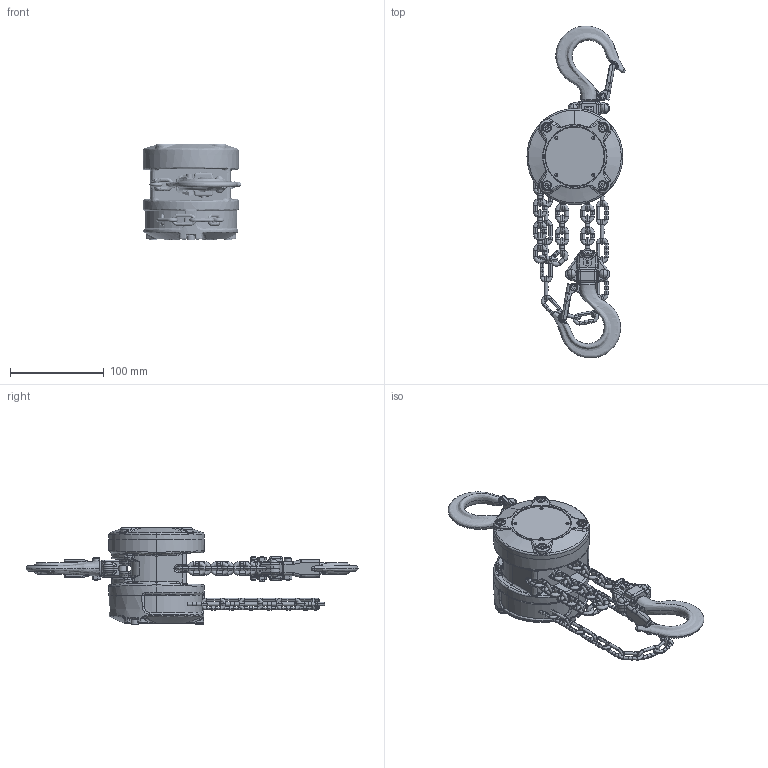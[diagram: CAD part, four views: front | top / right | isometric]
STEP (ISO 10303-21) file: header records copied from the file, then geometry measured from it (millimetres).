
FILE_DESCRIPTION (( 'STEP AP214' ), '1' );
FILE_NAME ('CX005.STEP', '2026-08-13T12:32:18', ( '' ), ( '' ), 'SwSTEP 2.0', 'SolidWorks 2026', '' );
FILE_SCHEMA (( 'AUTOMOTIVE_DESIGN' ));
Length unit declared in the file: inch
Products named in the file (23): _V_^_J_i_O.STEP; _z_C___J_o_[.STEP; ___x_b_g.STEP; _N_T___s__.STEP; ___[_h_`_F__.STEP; _s__.STEP; _c_i_M_W_N.STEP; _~_]_i_b_g.STEP; _{___g.STEP; Hexagon Socket Head Cap Screw_JIS-M5_JIS B 1176 M5 x 35 (35) --N.STEP; _M___P_[_X.STEP; ___x_b_g_J1Rx11-xxxxxx______x_b_g 5x22.STEP; CX005.STEP; _A___[_____o_[.STEP; _`_F_[___g___s__.STEP; _l_[___v___[_g.STEP; _{_f_B.STEP; CX005; Hexagon Socket Head Cap Screw_JIS-M5_JIS B 1176 M5 x 16 (16) --N.STEP; _E_G_J_i_O.STEP; _n___h_`_F__.STEP; _p_[_J_[___x_b_g.STEP; _t_b_N.STEP
Assembly tree (77 placements, depth 3):
  CX005
    CX005.STEP
      _{_f_B.STEP
      _M___P_[_X.STEP
      _p_[_J_[___x_b_g.STEP  x4
      _z_C___J_o_[.STEP
      ___[_h_`_F__.STEP  x25
      _`_F_[___g___s__.STEP
      _n___h_`_F__.STEP  x16
      _t_b_N.STEP  x2
      _A___[_____o_[.STEP  x2
      _s__.STEP  x2
      _{___g.STEP  x2
      _E_G_J_i_O.STEP  x2
      ___x_b_g.STEP  x2
      _c_i_M_W_N.STEP
      _V_^_J_i_O.STEP  x2
      ___x_b_g_J1Rx11-xxxxxx______x_b_g 5x22.STEP  x2
      Hexagon Socket Head Cap Screw_JIS-M5_JIS B 1176 M5 x 16 (16) --N.STEP  x4
      Hexagon Socket Head Cap Screw_JIS-M5_JIS B 1176 M5 x 35 (35) --N.STEP  x3
      _l_[___v___[_g.STEP
      _N_T___s__.STEP
      _~_]_i_b_g.STEP
Bounding box: 104.48 x 353.86 x 102.85 mm (x, y, z)
Volume: 803815.4 mm3; surface area: 164393.9 mm2
Topology: 82 solids, 86 shells, 2845 faces, 6958 edges, 4235 vertices
Faces by surface type: bspline 1571, plane 635, cylinder 537, cone 96, torus 6
Entity records: 125886 total; most frequent: CARTESIAN_POINT 96026, ORIENTED_EDGE 7390, EDGE_CURVE 3695, DIRECTION 3314, VERTEX_POINT 2276, EDGE_LOOP 1629, FACE_OUTER_BOUND 1526, ADVANCED_FACE 1526
☆ ☆ ☆ ☆
Repeat exactly the lines from the start of the entries down to the line with "FILE_SCHEMA (( 'AUTOMOTIVE_DESIGN' ));", keeping both ends but none of the pictures.

## [WRITTEN SOLUTION]
[diagram: CAD part, four views: front | top / right | isometric]
STEP (ISO 10303-21) file: header records copied from the file, then geometry measured from it (millimetres).
FILE_DESCRIPTION (( 'STEP AP214' ), '1' );
FILE_NAME ('CX005.STEP', '2026-08-13T12:32:18', ( '' ), ( '' ), 'SwSTEP 2.0', 'SolidWorks 2026', '' );
FILE_SCHEMA (( 'AUTOMOTIVE_DESIGN' ));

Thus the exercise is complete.